Source records
#####

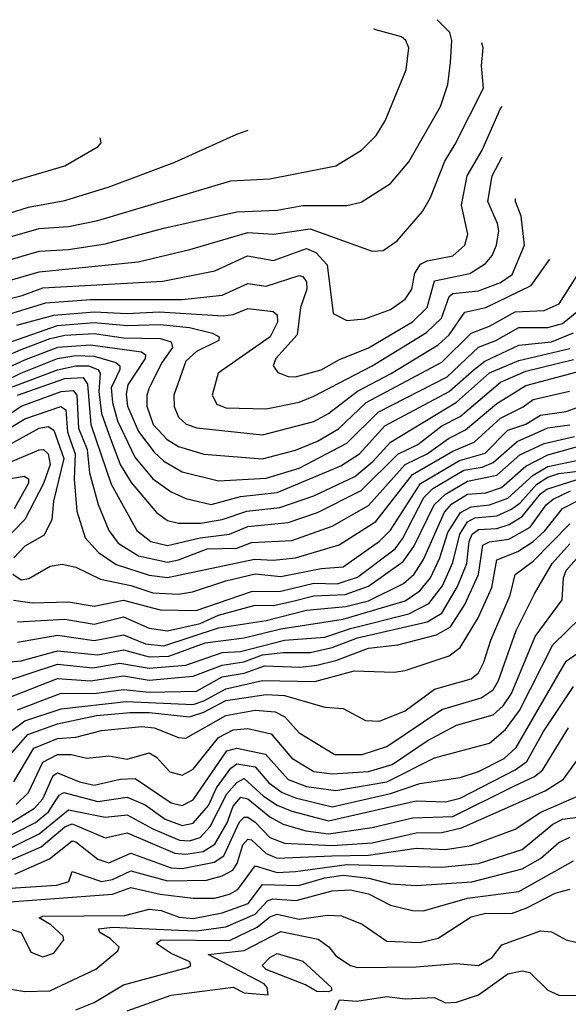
# Model space of a CAD drawing. Extents: x 1173029 to 1307123, y 522559 to 678521.
# Tile 557 of 623: x 1220241 to 1221741, y 668949 to 671642. Entities that reach past the tile are written whole.
import ezdxf

# ---------------------------------------------------------------- set-up
doc = ezdxf.new("R2010")
doc.units = 0

msp = doc.modelspace()

# ---------------------------------------------------------------- linework, layer by layer
at = {"layer": '0CON10XD'}
for points in [[(1220136.7, 670963.3), (1220295, 671008.6), (1220375, 671013.1), (1220475, 671029), (1220635, 671072.1), (1220835, 671116.3), (1220945, 671121.1), (1221015, 671134), (1221135, 671134.2), (1221175, 671143.3), (1221255, 671193.9), (1221305, 671253.6), (1221391.2, 671405), (1221411.2, 671465), (1221418.4, 671525), (1221422.7, 671585), (1221417.3, 671607.3), (1221382.7, 671642.1)], [(1220015, 670991), (1220295, 671071.2), (1220375, 671076.2), (1220455, 671092.7), (1220818.3, 671201.7), (1220925, 671207.1), (1221105, 671242.8), (1221175.2, 671284.8), (1221215.4, 671325), (1221240, 671365), (1221297.5, 671505), (1221304.6, 671565), (1221296.5, 671585), (1221285, 671595.4), (1221215, 671614.5), (1221209.1, 671617.4)], [(1220115, 670900.8), (1220295, 670952.7), (1220565, 670980), (1220706.7, 671013.3), (1220865, 671060.3), (1220935, 671055.8), (1221035, 671070.3), (1221205, 671008.5), (1221235, 671010.5), (1221272.8, 671037.2), (1221342.3, 671117.7), (1221364, 671156), (1221403.5, 671255), (1221431.9, 671301.9), (1221509, 671455), (1221503.8, 671516.2), (1221507.7, 671565), (1221504.6, 671578.9)], [(1220055, 670840.2), (1220247.8, 670887.8), (1220305, 670908.4), (1220632.9, 670927.1), (1220775, 670954.8), (1220863.7, 670996.3), (1220935, 670983.8), (1221025, 671016.6), (1221050.9, 671005), (1221081.2, 670971.2), (1221098.3, 670838.3), (1221135, 670819.2), (1221185, 670824), (1221255, 670849.6), (1221295, 670877.2), (1221313.4, 670905), (1221320.9, 670949.1), (1221336.6, 670973.4), (1221355, 670982.7), (1221425, 670996), (1221458.3, 671025), (1221465.7, 671055), (1221449.2, 671135), (1221464.5, 671215), (1221505, 671285.4), (1221555, 671399.6), (1221559.9, 671405.1)], [(1220005, 671047.2), (1220265, 671129.5), (1220365, 671147.6), (1220485.5, 671184.5), (1220665, 671252.1), (1220835, 671328.9), (1220865.7, 671339.7)], [(1218625.2, 671266.4), (1218665, 671262.8), (1218755, 671263.4), (1218905, 671276), (1219075, 671267.9), (1219119.6, 671249.6), (1219163.2, 671213.2), (1219213.7, 671153.7), (1219255, 671086.8), (1219281.9, 671065), (1219315, 671051.9), (1219372.9, 671042.9), (1219455, 671044.9), (1219535, 671073.8), (1219705, 671102.5), (1219805, 671076.5), (1219985, 671106.2), (1220148, 671162), (1220225, 671201.1), (1220365, 671242.8), (1220456, 671295), (1220464, 671305), (1220462.5, 671315), (1220460.2, 671319.1)], [(1220145, 670816.6), (1220312.5, 670867.5), (1220435, 670876.6), (1220685, 670876.7), (1220795, 670888.7), (1220865, 670920.2), (1220915, 670913), (1221005, 670942.5), (1221015, 670940), (1221025.2, 670925), (1221026.5, 670905), (1221008.5, 670855), (1220999.6, 670780.4), (1220941.8, 670715), (1220933.8, 670695), (1220946.6, 670676.6), (1220975, 670665.9), (1220995.3, 670665.3), (1221065, 670684.8), (1221115, 670712.6), (1221195, 670744.2), (1221315, 670815.8), (1221355.2, 670855), (1221375, 670927.6), (1221471.8, 670948.2), (1221514.2, 670975), (1221532.7, 670997.3), (1221544.4, 671025), (1221550.8, 671065), (1221547.6, 671085), (1221520.5, 671145), (1221532.9, 671215), (1221559.9, 671267.4)], [(1220233.1, 670806.9), (1220335, 670834.3), (1220445, 670842.7), (1220535, 670838.6), (1220622.8, 670842.8), (1220797.6, 670832.4), (1220825, 670835.9), (1220865, 670852.5), (1220934.2, 670844.2), (1220945.2, 670835.2), (1220945.6, 670815), (1220926, 670775), (1220783.4, 670675), (1220767.1, 670615), (1220780.3, 670590.3), (1220805, 670580), (1220915, 670578), (1221005, 670595.6), (1221045, 670612), (1221204.8, 670695.2), (1221353.3, 670786.7), (1221394.4, 670825.6), (1221415, 670884.7), (1221425, 670893), (1221495, 670900.7), (1221555, 670922.8), (1221587.3, 670945), (1221620.7, 671025), (1221611.6, 671105), (1221596.4, 671145), (1221596.2, 671153.2)], [(1220115, 670725.5), (1220344.7, 670805.3), (1220445, 670813.5), (1220535, 670805.6), (1220625, 670808.7), (1220705, 670800.3), (1220768.6, 670785), (1220786.9, 670775), (1220785.6, 670765), (1220725, 670734.4), (1220695, 670708.1), (1220662.6, 670615), (1220663.8, 670583.8), (1220675.3, 670555), (1220695.9, 670535.9), (1220725.5, 670525.5), (1220905, 670506.2), (1221045, 670542.7), (1221085, 670564.5), (1221165, 670626.4), (1221255, 670673.3), (1221385, 670753.1), (1221415, 670780), (1221458, 670842), (1221515, 670854.6), (1221639.2, 670915), (1221689.8, 670987.4)], [(1220135, 670691.5), (1220245, 670740.2), (1220325, 670770.4), (1220365, 670778.8), (1220445, 670783.4), (1220525, 670772.1), (1220625, 670769.9), (1220655, 670761.2), (1220659.2, 670745), (1220631.1, 670705), (1220595.5, 670635), (1220588.7, 670615), (1220589, 670585), (1220605.8, 670535), (1220644.1, 670494.1), (1220675, 670474.8), (1220745, 670453.6), (1220905, 670441.1), (1220995.4, 670465), (1221055, 670489.6), (1221112.8, 670522.8), (1221188.4, 670595), (1221395.2, 670705), (1221475.2, 670784.8), (1221525, 670803.6), (1221595, 670843.1), (1221675, 670846.6), (1221715.3, 670865), (1221795, 670989.5)], [(1220105, 670643.1), (1220255, 670712.1), (1220346, 670746), (1220435, 670752.3), (1220573.8, 670733.8), (1220585.6, 670725), (1220584.1, 670715), (1220536.8, 670643.2), (1220532.4, 670617.6), (1220536, 670585), (1220566, 670516), (1220608.9, 670458.9), (1220634.9, 670434.9), (1220685, 670405.5), (1220785, 670380.3), (1220915, 670388), (1221004.7, 670415), (1221135, 670483.5), (1221221.1, 670568.9), (1221410, 670665), (1221495, 670746.8), (1221543, 670765), (1221605, 670800), (1221685, 670800.2), (1221725, 670811.4), (1221827.4, 670895)], [(1220125, 670616), (1220244.5, 670675.5), (1220345, 670715.5), (1220395, 670723.9), (1220445, 670721.5), (1220504.2, 670704.2), (1220514.8, 670695), (1220514.6, 670685), (1220491.4, 670635), (1220494.7, 670595), (1220508.2, 670545), (1220555.9, 670445.9), (1220605, 670386), (1220655, 670350.6), (1220695, 670332), (1220765, 670316.2), (1220845, 670337.6), (1220945, 670348.9), (1221118.7, 670421.3), (1221169.8, 670455), (1221238.9, 670531.1), (1221415.3, 670624.7), (1221483, 670685), (1221512.1, 670707.9), (1221605, 670752), (1221695, 670761.3), (1221755, 670785.1)], [(1220222.1, 670637.9), (1220345, 670684.6), (1220395, 670695.5), (1220429.6, 670695), (1220454.8, 670685), (1220461.5, 670675), (1220457.7, 670625), (1220464.6, 670565), (1220485, 670508.5), (1220516.1, 670425), (1220546, 670376), (1220615, 670293.7), (1220645, 670272.6), (1220675.2, 670265.2), (1220735.1, 670265.1), (1220795, 670274.7), (1220862.3, 670297.6), (1220952.1, 670307.9), (1221045, 670339.5), (1221157, 670393), (1221206.7, 670433.3), (1221255, 670486.3), (1221435, 670596), (1221525, 670676), (1221605, 670710.2), (1221745, 670742.8)], [(1220235, 670614.6), (1220365, 670660.3), (1220415, 670663.2), (1220427.1, 670645), (1220435.4, 670535), (1220491.7, 670371.7), (1220561.7, 670245), (1220600, 670215), (1220645, 670204.1), (1220735, 670225.1), (1220815, 670234.9), (1220865, 670256), (1220975, 670267.1), (1221055, 670294.3), (1221175, 670354.6), (1221275, 670453.8), (1221329.7, 670480.3), (1221395, 670531), (1221445, 670556.6), (1221555, 670650.2), (1221625, 670680.6), (1221755, 670712.8)], [(1220155, 670523.3), (1220245, 670584.7), (1220355, 670625.4), (1220387.5, 670627.5), (1220397.8, 670615), (1220402.5, 670525), (1220426, 670466), (1220432.2, 670402.2), (1220456.1, 670316.1), (1220484.9, 670244.9), (1220510.6, 670210.6), (1220565.6, 670175.6), (1220645, 670158.5), (1220675, 670164.2), (1220753.6, 670195), (1220835, 670196.7), (1220875, 670212.1), (1220985, 670217.5), (1221095, 670257.1), (1221195, 670313.7), (1221295, 670425.3), (1221355, 670454.4), (1221413.3, 670496.7), (1221460, 670520), (1221545, 670592.7), (1221625, 670641.5), (1221765, 670678.9)], [(1220125, 670470.6), (1220255, 670550.5), (1220354.2, 670584.2), (1220367.6, 670575), (1220372, 670515), (1220380.3, 670490.3), (1220393.3, 670455), (1220390.3, 670385), (1220397.3, 670297.3), (1220420, 670225), (1220457, 670185), (1220505, 670152.2), (1220595, 670122.9), (1220645, 670116.4), (1220883.1, 670166.9), (1220935, 670163.3), (1220995, 670170.5), (1221114, 670206), (1221215, 670269.8), (1221315, 670397.8), (1221425, 670461.5), (1221483.8, 670486.2), (1221555, 670552.2), (1221617.2, 670582.8), (1221645, 670603.1), (1221743.9, 670626.1)], [(1220223, 670125), (1220245, 670110), (1220266.7, 670113.3), (1220325, 670147.5), (1220357, 670153), (1220395, 670144.8), (1220461.8, 670111.8), (1220545, 670094.5), (1220605, 670074.2), (1220675, 670070.9), (1220713.3, 670076.7), (1220805, 670107.4), (1220885, 670126.1), (1220955, 670119.1), (1221065, 670140.8), (1221125, 670145.4), (1221225, 670215.4), (1221255, 670245.6), (1221336.5, 670373.5), (1221443.7, 670436.3), (1221513.3, 670456.7), (1221575, 670519), (1221625, 670536), (1221665, 670560.4), (1221735, 670570.6), (1221765, 670581.1)], [(1220153, 670447), (1220295, 670524.9), (1220318.9, 670528.9), (1220335, 670518.9), (1220361.9, 670441.9), (1220333.4, 670325), (1220329.6, 670275), (1220308, 670232), (1220255, 670201.6), (1220225, 670170)], [(1220224, 670054), (1220275, 670047.1), (1220375, 670049.4), (1220445, 670037.8), (1220525, 670054.7), (1220625, 670027.6), (1220723.6, 670026.4), (1220875, 670078.3), (1220955, 670079.2), (1221045, 670100.5), (1221109.1, 670099.1), (1221165, 670117.2), (1221267.4, 670195), (1221287.6, 670222.4), (1221346.1, 670335), (1221370.6, 670359.5), (1221455, 670410), (1221505, 670418.3), (1221535, 670430.5), (1221601.3, 670488.7), (1221685, 670525.3), (1221745, 670534)], [(1220235, 669994.6), (1220365, 670002.6), (1220445, 669989.1), (1220525, 670008.4), (1220595, 669977.8), (1220645, 669970.7), (1220735, 669990.8), (1220785, 670013), (1220885, 670040.3), (1220935, 670039.7), (1220988.2, 670051.8), (1221045, 670066.3), (1221130.6, 670069.4), (1221195, 670092.6), (1221289.8, 670160.2), (1221318.7, 670201.3), (1221373.9, 670315), (1221405.3, 670344.7), (1221465, 670379.7), (1221545, 670396.1), (1221608.1, 670451.9), (1221675, 670482.7), (1221757.6, 670502.4)], [(1220235, 669939.5), (1220345, 669959), (1220445, 669944.1), (1220479.4, 669950.6), (1220525, 669959.7), (1220585.4, 669935), (1220635, 669929.4), (1220785, 669978.4), (1220915, 669999.1), (1221025, 670026.7), (1221133.1, 670036.9), (1221195, 670052.6), (1221289.9, 670100.1), (1221319.6, 670125), (1221345, 670165.2), (1221402.7, 670295), (1221422.6, 670317.4), (1221465, 670344.3), (1221515, 670348), (1221557.7, 670362.3), (1221625, 670420.6), (1221685, 670451.5), (1221825, 670491.3)], [(1220077.1, 670373), (1220295, 670465.9), (1220306.7, 670466.7), (1220318.8, 670455), (1220324.3, 670425), (1220306.2, 670373.8), (1220255.2, 670275), (1220195, 670213.4)], [(1220175, 669882.2), (1220245, 669888.7), (1220345, 669916.1), (1220455.3, 669904.7), (1220525, 669918.6), (1220595, 669899.4), (1220649.3, 669900.7), (1220748, 669938), (1220855, 669950.9), (1220955, 669976.3), (1221125, 670002.5), (1221295, 670052.9), (1221335, 670079.9), (1221363.7, 670115), (1221389.6, 670170.4), (1221411, 670239), (1221446.1, 670293.9), (1221475, 670309.5), (1221525, 670314.7), (1221575, 670333.7), (1221644.2, 670395.8), (1221685, 670420.2), (1221785, 670441.1)], [(1220195, 669830), (1220345, 669878.9), (1220441.1, 669868.9), (1220515, 669881.6), (1220595, 669868.6), (1220695, 669876.9), (1220795, 669910.8), (1220845, 669913.7), (1220965, 669944.8), (1221075, 669952.8), (1221145, 669977.2), (1221305, 670016.6), (1221359.2, 670045), (1221396.4, 670093.6), (1221425, 670157.1), (1221443.9, 670235), (1221465, 670268.9), (1221485, 670279.3), (1221545, 670285.4), (1221585, 670303), (1221609.2, 670320.8), (1221655, 670371.7), (1221685, 670390.5), (1221715, 670400.6), (1221775, 670408.1)], [(1220205.5, 669785.5), (1220345, 669840.4), (1220435, 669833.3), (1220525, 669847.3), (1220595, 669835.1), (1220715, 669846.6), (1220795, 669876.8), (1220854.2, 669885.8), (1220905, 669904.6), (1220961.5, 669911.5), (1221035, 669910.8), (1221095, 669924.5), (1221165, 669951.4), (1221355, 669995.3), (1221395, 670019.2), (1221438.1, 670091.9), (1221463.7, 670155), (1221470.1, 670215), (1221477.9, 670235), (1221495, 670247.5), (1221545, 670250.6), (1221578.6, 670261.4), (1221615, 670282.9), (1221664.3, 670345), (1221682, 670358), (1221865, 670416.3)], [(1220195, 670383.1), (1220253.5, 670393.5), (1220265, 670386.2), (1220265, 670374.7), (1220226.3, 670303.7)], [(1220235, 669753.9), (1220355, 669800.3), (1220445, 669798.9), (1220525, 669810.3), (1220595, 669802.8), (1220725, 669805.1), (1220795, 669844.7), (1220855, 669854.2), (1220910, 669875), (1221008.7, 669871.3), (1221053.1, 669876.9), (1221105, 669889.3), (1221195, 669922.7), (1221275, 669932.1), (1221380.8, 669959.2), (1221418.6, 669981.4), (1221457.7, 670042.3), (1221495.4, 670124.6), (1221507.1, 670205), (1221525, 670214), (1221578.4, 670221.6), (1221636, 670254), (1221680.1, 670315), (1221699.1, 670330.9), (1221746.8, 670353.2)], [(1220165, 669658), (1220255.7, 669724.3), (1220355, 669757.2), (1220532.7, 669777.3), (1220715, 669768.9), (1220745, 669778.6), (1220805, 669811.8), (1220905, 669834.3), (1221047.9, 669832.1), (1221155, 669861.4), (1221265, 669857.4), (1221295, 669861.6), (1221415, 669901.9), (1221445.1, 669924.9), (1221494.1, 670005.9), (1221531.3, 670088.7), (1221545.2, 670165), (1221602.8, 670187.2), (1221645, 670214.4), (1221676.5, 670243.5), (1221725.2, 670305), (1221775, 670330.7)], [(1220195, 669608.4), (1220263.3, 669686.7), (1220345, 669715.9), (1220451.5, 669738.5), (1220543.4, 669746.6), (1220595, 669747.3), (1220705, 669735.4), (1220745, 669747.7), (1220805, 669779.9), (1220915, 669796.5), (1220965, 669793.7), (1221075, 669761.6), (1221125, 669757.9), (1221186, 669725), (1221225, 669723.2), (1221295, 669751.7), (1221375, 669810.7), (1221475, 669839.5), (1221495, 669855.3), (1221510.2, 669885), (1221528.6, 669945), (1221581.7, 670068.3), (1221595.8, 670124.2), (1221645, 670160.9), (1221745, 670263.1)], [(1220225, 669557.5), (1220280.4, 669649.6), (1220345, 669675.5), (1220395, 669679.2), (1220465, 669697.7), (1220575, 669708.6), (1220608.9, 669705), (1220675, 669679.1), (1220695, 669677.1), (1220805, 669739.1), (1220885, 669753.5), (1220939.3, 669749.3), (1220966.1, 669735), (1221005, 669691.4), (1221102.4, 669632.4), (1221177.6, 669632.4), (1221245, 669653.9), (1221395.1, 669754.9), (1221502.6, 669787.4), (1221535, 669809), (1221550, 669835), (1221598.5, 669971.5), (1221648.2, 670071.8), (1221696.9, 670155), (1221745, 670208.2)], [(1220231.7, 669495), (1220265, 669527.8), (1220305, 669611.6), (1220345, 669631.9), (1220382.3, 669632.3), (1220425, 669622.1), (1220485, 669628.4), (1220535, 669619.1), (1220595, 669636.3), (1220615.1, 669625.1), (1220651.5, 669585), (1220685, 669575.2), (1220715, 669591.9), (1220785, 669678.6), (1220825, 669699.3), (1220865, 669703.3), (1220928.6, 669688.6), (1220985, 669622.1), (1221045, 669586), (1221095, 669579.6), (1221195, 669585.7), (1221258.9, 669605), (1221355, 669669.3), (1221435, 669712), (1221535, 669740.2), (1221562.7, 669765), (1221585, 669799.3), (1221650, 669955), (1221723.7, 670055), (1221727.8, 670115), (1221734.9, 670135), (1221769.4, 670175)], [(1220205, 669438.1), (1220282.2, 669485), (1220305, 669511.3), (1220333, 669575), (1220345, 669582.4), (1220405, 669557), (1220445, 669548.5), (1220515.5, 669564.5), (1220556.8, 669566.8), (1220655, 669500.3), (1220685, 669492.6), (1220715, 669508.4), (1220807.9, 669642.1), (1220835, 669649.3), (1220913.4, 669633.4), (1220975, 669563.6), (1221025, 669544.3), (1221105, 669533.8), (1221245, 669557.5), (1221375, 669623), (1221525, 669663.1), (1221569.2, 669700.8), (1221607.2, 669752.8), (1221698.3, 669931.7), (1221773.9, 670006.1)], [(1220185, 669395.6), (1220284.2, 669445.8), (1220320.4, 669475), (1220349.5, 669520.5), (1220361.9, 669528.1), (1220455, 669503.6), (1220535, 669515.4), (1220584.4, 669494.4), (1220638.6, 669455), (1220685, 669437.8), (1220715.4, 669444.6), (1220756.9, 669493.1), (1220779.1, 669540.9), (1220818.4, 669595), (1220835, 669606.6), (1220885, 669598.5), (1220922.4, 669555), (1220958.4, 669528.4), (1220995, 669513.3), (1221095, 669489.2), (1221255, 669525.9), (1221335, 669552.8), (1221445, 669569.3), (1221495, 669585.5), (1221565, 669620.9), (1221598.6, 669651.4), (1221735, 669887.5), (1221803.8, 669936.2)], [(1220175, 669356.9), (1220294.6, 669415.4), (1220375, 669481), (1220475, 669460.8), (1220535, 669466.8), (1220605, 669429.1), (1220677.7, 669397.7), (1220705, 669396.2), (1220734.6, 669405.4), (1220762, 669435), (1220807.7, 669525), (1220835, 669555.9), (1220855, 669566.1), (1220907.9, 669517.9), (1220945, 669493.6), (1220985, 669476.9), (1221085, 669450.5), (1221325, 669505.5), (1221405, 669502.8), (1221445, 669512.3), (1221595, 669590.1), (1221626.9, 669613.1), (1221672.7, 669695), (1221755, 669818.3)], [(1220181.8, 669328.2), (1220300, 669380), (1220365, 669434.5), (1220385, 669442.7), (1220475, 669404.1), (1220535, 669418.3), (1220665, 669362.2), (1220695, 669359.4), (1220742.9, 669367.1), (1220775, 669386.8), (1220808.6, 669445), (1220825, 669490.7), (1220845.8, 669515), (1220865, 669511), (1220925, 669461.3), (1220961.2, 669441.2), (1221022.9, 669422.9), (1221085, 669415.3), (1221205, 669432.7), (1221315, 669458.6), (1221425, 669462.8), (1221594, 669546), (1221648.3, 669571.7), (1221670.3, 669589.7), (1221741, 669705)], [(1220228.5, 669305), (1220322.8, 669347.2), (1220385, 669395.7), (1220395, 669393.7), (1220455, 669346.3), (1220485, 669336.2), (1220545, 669361.9), (1220655, 669322.1), (1220685, 669320.3), (1220772.4, 669337.6), (1220799.5, 669355), (1220842.2, 669447.8), (1220855, 669460.9), (1220865, 669460.8), (1220885, 669447.3), (1220925, 669405.1), (1220965, 669389.2), (1221095, 669382.9), (1221205, 669390.8), (1221325, 669418.1), (1221395, 669418.9), (1221448.4, 669431.6), (1221677.7, 669532.4), (1221727.8, 669565), (1221775, 669630)], [(1220215, 669266.2), (1220342.5, 669275), (1220375.6, 669285), (1220385, 669311.9), (1220465, 669285.1), (1220495, 669289.8), (1220545, 669313.8), (1220645, 669286.2), (1220751.6, 669288.4), (1220795, 669300.5), (1220823.9, 669316.1), (1220835.7, 669334.3), (1220851.6, 669385), (1220865, 669400.5), (1220875, 669398.6), (1220915, 669361), (1220945, 669349), (1221094.8, 669355.2), (1221195, 669356.5), (1221325, 669375.8), (1221405, 669372.2), (1221475, 669383.1), (1221595, 669428.3), (1221665.9, 669474.1), (1221770.1, 669519.9)], [(1220165.2, 669225.2), (1220495, 669250), (1220545, 669268.2), (1220625, 669250), (1220715, 669239), (1220775, 669239), (1220815, 669249.7), (1220837.3, 669262.7), (1220885, 669328), (1220945, 669309.2), (1220995, 669311.9), (1221135, 669331.7), (1221395, 669324.4), (1221495, 669333.7), (1221615, 669372.4), (1221698.8, 669441.2), (1221725, 669454.9), (1221885, 669476.5)], [(1220175, 669168.5), (1220245.5, 669145), (1220271.7, 669091.7), (1220305, 669079), (1220335, 669088.9), (1220361.7, 669125), (1220360, 669135), (1220326.5, 669166.5), (1220294.6, 669185), (1220305, 669189.7), (1220528.4, 669191.6), (1220595, 669209.5), (1220628.1, 669205), (1220676.9, 669186.9), (1220715, 669183.1), (1220795, 669199.2), (1220865.7, 669224.3), (1220905, 669276.7), (1221003.7, 669273.7), (1221075.4, 669294.7), (1221125, 669301.7), (1221195.7, 669294.3), (1221255, 669278.6), (1221325, 669274.2), (1221476.6, 669283.4), (1221615, 669319.3), (1221665, 669347.8), (1221715, 669391.4), (1221745, 669405.8)], [(1220195, 668994.2), (1220255, 668983.8), (1220323.9, 668986.1), (1220449.2, 669045), (1220510, 669095), (1220512.9, 669105), (1220488.7, 669128.7), (1220460.3, 669145), (1220457.1, 669155), (1220495, 669160.1), (1220675, 669151.2), (1220725, 669149.5), (1220805, 669161.1), (1220885, 669195.5), (1220918.4, 669231.6), (1220932.6, 669237.4), (1220997.3, 669232.7), (1221095, 669259.2), (1221145, 669261.9), (1221195, 669251.4), (1221255, 669219.7), (1221315, 669205.2), (1221345, 669204.4), (1221465, 669238.8), (1221605, 669257.4), (1221755, 669341.7)], [(1220395, 668933.4), (1220445, 668954), (1220525, 669002.3), (1220700.2, 669049.8), (1220709.1, 669055), (1220706.4, 669065), (1220655, 669088.1), (1220614, 669115), (1220628, 669125), (1220815, 669123.2), (1220890, 669160), (1220925, 669187.9), (1220945, 669195.5), (1221005, 669181.9), (1221082.5, 669192.5), (1221121, 669191), (1221177.7, 669167.8), (1221245, 669121.4), (1221335, 669117.8), (1221385, 669130), (1221475, 669188.5), (1221515, 669197.8), (1221585, 669197.2), (1221627.6, 669212.4), (1221705, 669252.6), (1221745, 669263.4)], [(1220535, 668931), (1220655, 668973.7), (1220825, 668996.1), (1220855, 668979.8), (1220920.8, 668975), (1220917.9, 668995), (1220909.4, 669005), (1220756.4, 669085), (1220855, 669095.9), (1220955, 669147.6), (1221057, 669127), (1221086.5, 669106.5), (1221105, 669081.6), (1221145, 669055.3), (1221165, 669049.5), (1221325, 669050.9), (1221435, 669060.6), (1221495, 669055.3), (1221532.7, 669077.3), (1221558.7, 669111.3), (1221665, 669150), (1221695, 669146.9), (1221735, 669125.6), (1221795, 669110.5)], [(1221085, 668983.2), (1221053.5, 668983.5), (1221022, 669002), (1220915, 669043.6), (1220903.8, 669055), (1220925, 669077.1), (1220945, 669087.5), (1221015, 669066.4), (1221093.9, 668995), (1221093.4, 668986.6), (1221085, 668983.2)], [(1221103.9, 668933.9), (1221115, 668961.2), (1221162.9, 668957.1), (1221245, 668969.8), (1221295, 668963.4), (1221375, 668967.6), (1221405, 668952.5), (1221435, 668954.3), (1221495, 668974.5), (1221575, 669031.9), (1221615, 669040.2), (1221635.5, 669035.5), (1221685, 668987.5), (1221715, 668974.2), (1221795, 668973.2)]]:
    msp.add_lwpolyline(points, dxfattribs=at)

doc.saveas('drawing.dxf')

#####

== Work required ==
If a line of the entries above holds the word "layer", count it; report only how many such lines there are.

== Output for this task ==
2